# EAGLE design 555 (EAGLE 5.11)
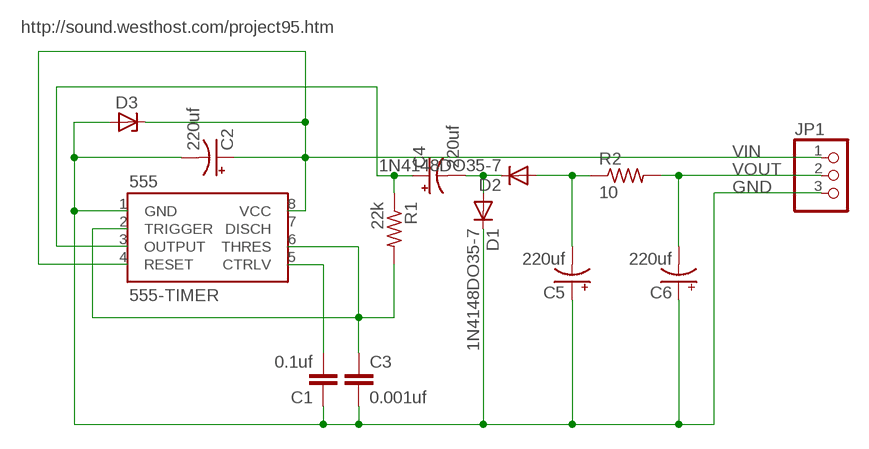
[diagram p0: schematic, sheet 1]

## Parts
555  555-TIMER  [8DIP]
C1  0.1uf  C-EU050-024X044  [C050-024X044]
C2  220uf  CPOL-USE5-8.5  [E5-8,5]
C3  0.001uf  C-EU050-024X044  [C050-024X044]
C4  220uf  CPOL-USE5-8.5  [E5-8,5]
C5  220uf  CPOL-USE5-8.5  [E5-8,5]
C6  220uf  CPOL-USE5-8.5  [E5-8,5]
D1  1N4148DO35-7  [DO35-7]
D2  1N4148DO35-7  [DO35-7]
D3  ZENER-DIODEDO41Z10  [DO41Z10]
JP1  PINHD-1X3  [1X03]
R1  22k  R-US_0309/10  [0309/10]
R2  10  R-US_0309/10  [0309/10]

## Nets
GND: 555.1(GND) C1.1 C2.- C3.2 C5.+ C6.+ D1.C D3.A JP1.3
N$1: C5.- D2.A R2.1
N$2: C4.- D1.A D2.C
N$3: 555.2(TRIGGER) 555.6(THRES) C3.1 R1.2
N$4: 555.3(OUTPUT) C4.+ R1.1
N$6: 555.5(CTRLV) C1.2
VIN: 555.4(RESET) 555.8(VCC) C2.+ D3.C JP1.1
VOUT: C6.- JP1.2 R2.2
Unconnected: 555.7(DISCH)

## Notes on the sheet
- http://sound.westhost.com/project95.htm

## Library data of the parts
555 = trl:555-TIMER
C1 C3 = rcl:C-EU: CAPACITOR, European symbol
C2 C4-C6 = rcl:CPOL-US: POLARIZED CAPACITOR, American symbol
D1 D2 = diode:1N4148: DIODE
D3 = diode:ZENER-DIODE: Z-Diode
JP1 = pinhead:PINHD-1X3: PIN HEADER
R1 R2 = resistor:R-US_: RESISTOR, American symbol

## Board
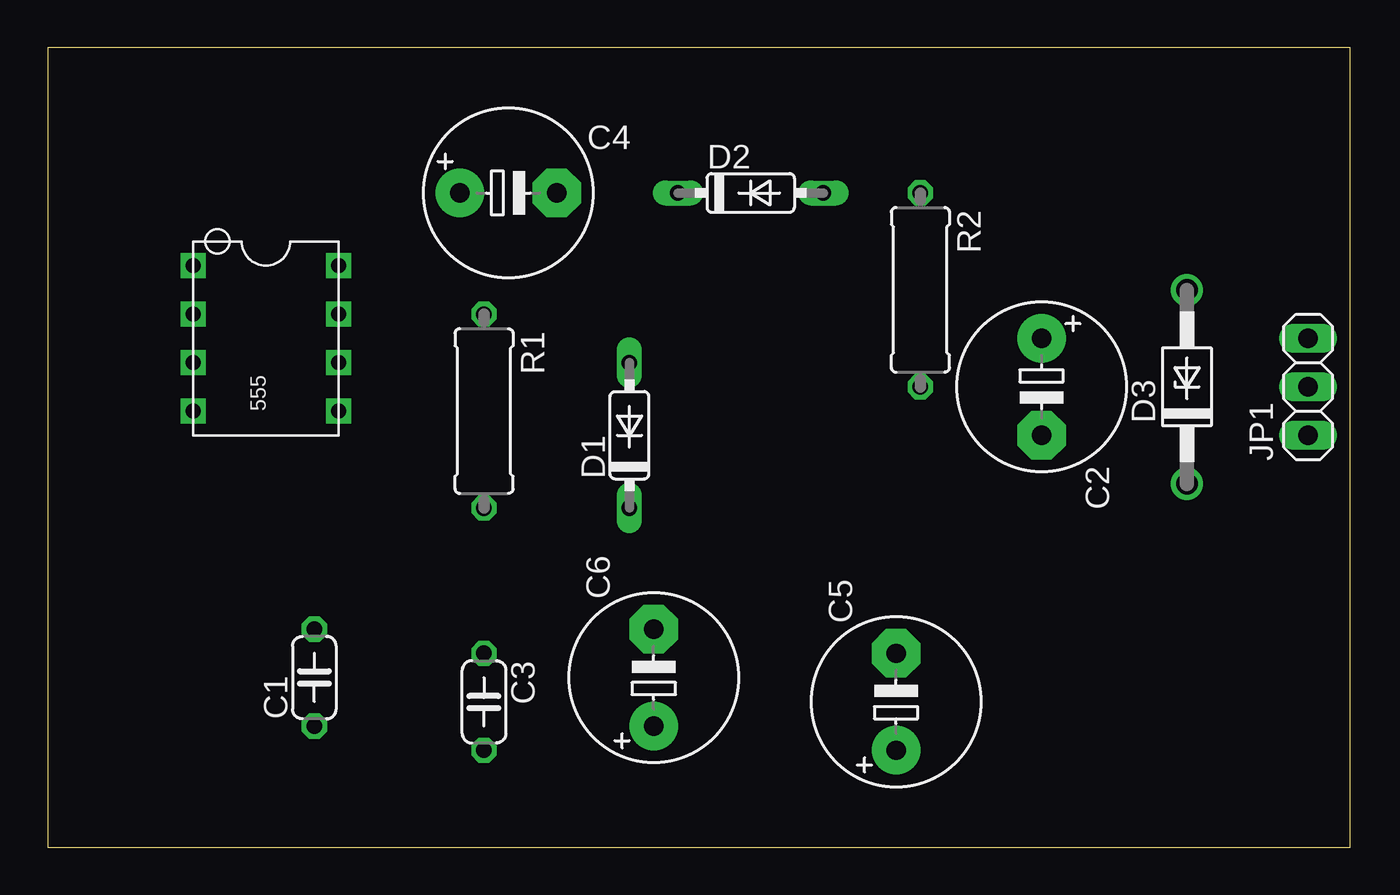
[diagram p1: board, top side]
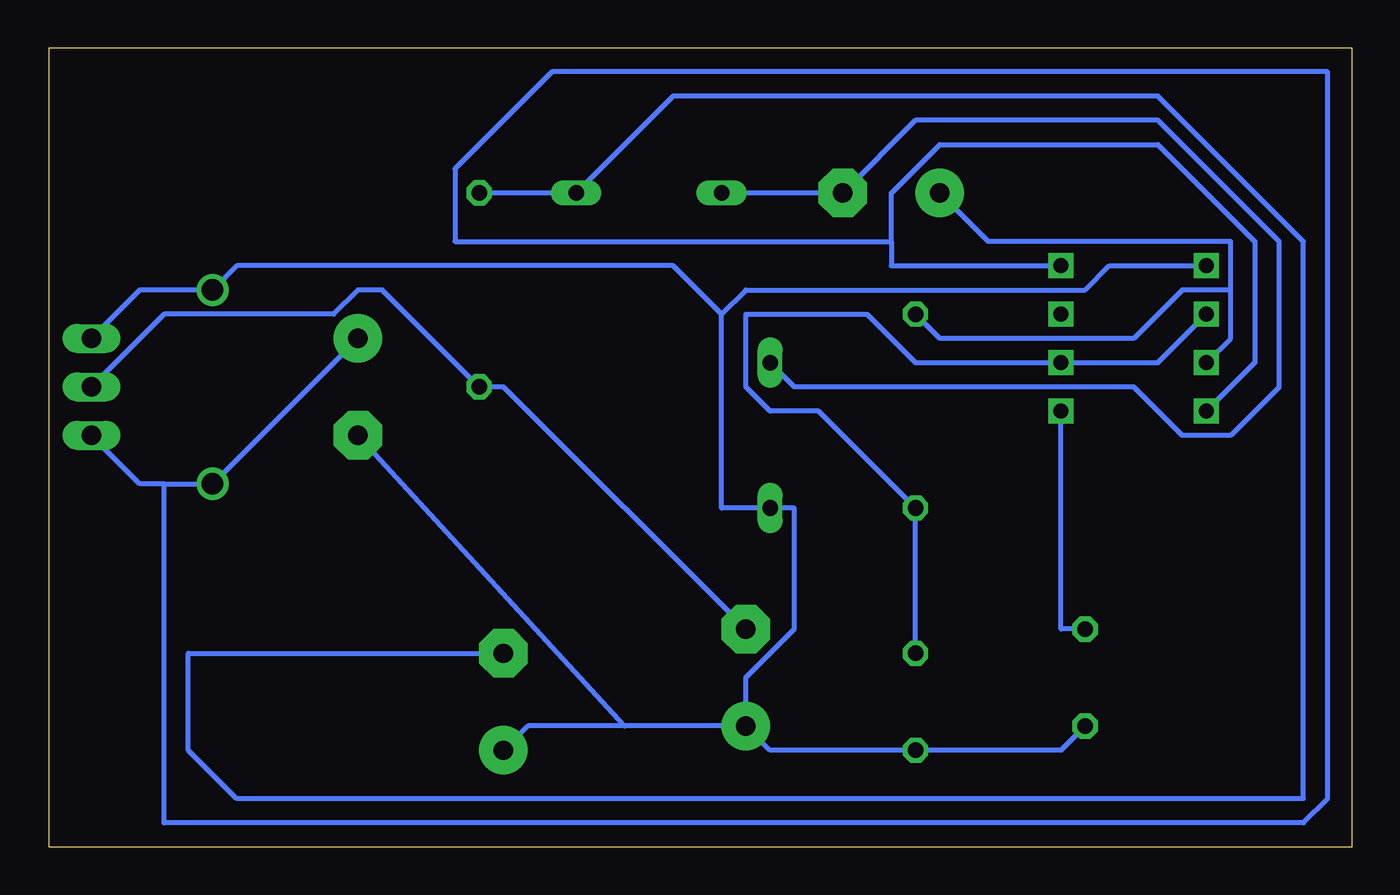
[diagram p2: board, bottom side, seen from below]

Size 68.25 x 41.9 mm. Coordinates in mm from the lower left corner, seen from the top.
Outline: 0,0 68.25,0 68.25,41.9 0,41.9 0,0
Copper layers (1*16): Top 0.035mm / dielectric 1.5mm / Bottom 0.035mm
Design rules "default": minimum track width 10mil, minimum drill 24mil, track to track 8mil, track to pad 8mil, pad to pad 8mil, via to via 8mil, smd to smd 8mil, copper to edge 40mil, drill to drill 8mil, minimum pad ring 10mil, minimum via ring 8mil, stop-mask expansion 4mil, vias tented up to drill 0mil, thermal gap 10mil

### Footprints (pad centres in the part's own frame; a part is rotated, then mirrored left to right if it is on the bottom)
8DIP = drill 0.8 square: 1 -3.81,3.81; 2 -3.81,1.27; 3 -3.81,-1.27; 4 -3.81,-3.81; 5 3.81,-3.81; 6 3.81,-1.27; 7 3.81,1.27; 8 3.81,3.81
C050-024X044 = drill 0.813 octagon: 1 -2.54,0; 2 2.54,0
E5-8,5 = drill 1.016 pad 2.54 round: + -2.54,0 | drill 1.016 pad 2.54 octagon: - 2.54,0
DO35-7 = drill 0.813 long: A 3.81,0; C -3.81,0
DO41Z10 = drill 1.118 round: A 5.08,0; C -5.08,0
1X03 = drill 1.016 long: 1 -2.54,0; 2 0,0; 3 2.54,0
0309/10 = drill 0.813 octagon: 1 -5.08,0; 2 5.08,0

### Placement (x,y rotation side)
555  11.43,26.67 0 top
C1  13.97,8.89 90 top
C2  52.07,24.13 270 top
C3  22.86,7.62 270 top
C4  24.13,34.29 0 top
C5  44.45,7.62 90 top
C6  31.75,8.89 90 top
D1  30.48,21.59 90 top
D2  36.83,34.29 0 top
D3  59.69,24.13 90 top
JP1  66.04,24.13 90 top
R1  22.86,22.86 270 top
R2  45.72,29.21 270 top

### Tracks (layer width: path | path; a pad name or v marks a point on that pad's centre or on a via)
GND
  Bottom 0.254: C1.1 15.24,5.08 C3.2 30.48,5.08 C6.+ | C5.+ 43.18,6.35 38.1,6.35 | C6.+ 38.1,6.35 | C6.+ 31.75,8.89 29.21,11.43 29.21,17.78 D1.C 33.02,17.78 33.02,27.94 | 38.1,6.35 C2.- | JP1.3 63.5,29.21 D3.A 58.42,30.48 35.56,30.48 33.02,27.94 | 555.1 12.7,30.48 13.97,29.21 31.75,29.21 33.02,27.94
N$1
  Bottom 0.254: R2.1 D2.A 35.56,39.37 10.16,39.37 2.54,31.75 2.54,2.54 58.42,2.54 60.96,5.08 60.96,10.16 C5.-
N$2
  Bottom 0.254: D1.A 29.21,24.13 11.43,24.13 8.89,21.59 6.35,21.59 3.81,24.13 3.81,31.75 10.16,38.1 22.86,38.1 C4.- D2.C
N$3
  Bottom 0.254: C3.1 R1.2 27.94,22.86 30.48,22.86 31.75,24.13 31.75,27.94 25.4,27.94 22.86,25.4 555.6 10.16,25.4 555.2
N$4
  Bottom 0.254: 555.3 6.35,26.67 6.35,29.21 | 6.35,29.21 6.35,31.75 19.05,31.75 C4.+ | R1.1 21.59,26.67 11.43,26.67 8.89,29.21 6.35,29.21
N$6
  Bottom 0.254: 555.5 15.24,11.43 C1.2
VIN
  Bottom 0.254: JP1.1 63.5,19.05 62.23,19.05 | 62.23,19.05 D3.C C2.+ | 555.4 5.08,25.4 5.08,31.75 10.16,36.83 21.59,36.83 24.13,34.29 24.13,31.75 | 24.13,31.75 24.13,30.48 555.8 | 62.23,19.05 62.23,1.27 2.54,1.27 1.27,2.54 1.27,40.64 41.91,40.64 46.99,35.56 46.99,31.75 24.13,31.75
VOUT
  Bottom 0.254: C6.- 44.45,24.13 R2.2 50.8,29.21 52.07,29.21 53.34,27.94 62.23,27.94 JP1.2

*What to produce*
Compute the number of lines in the entries above that hold the word "symbol"; the answer must contain nothing else.

*Task answer*
3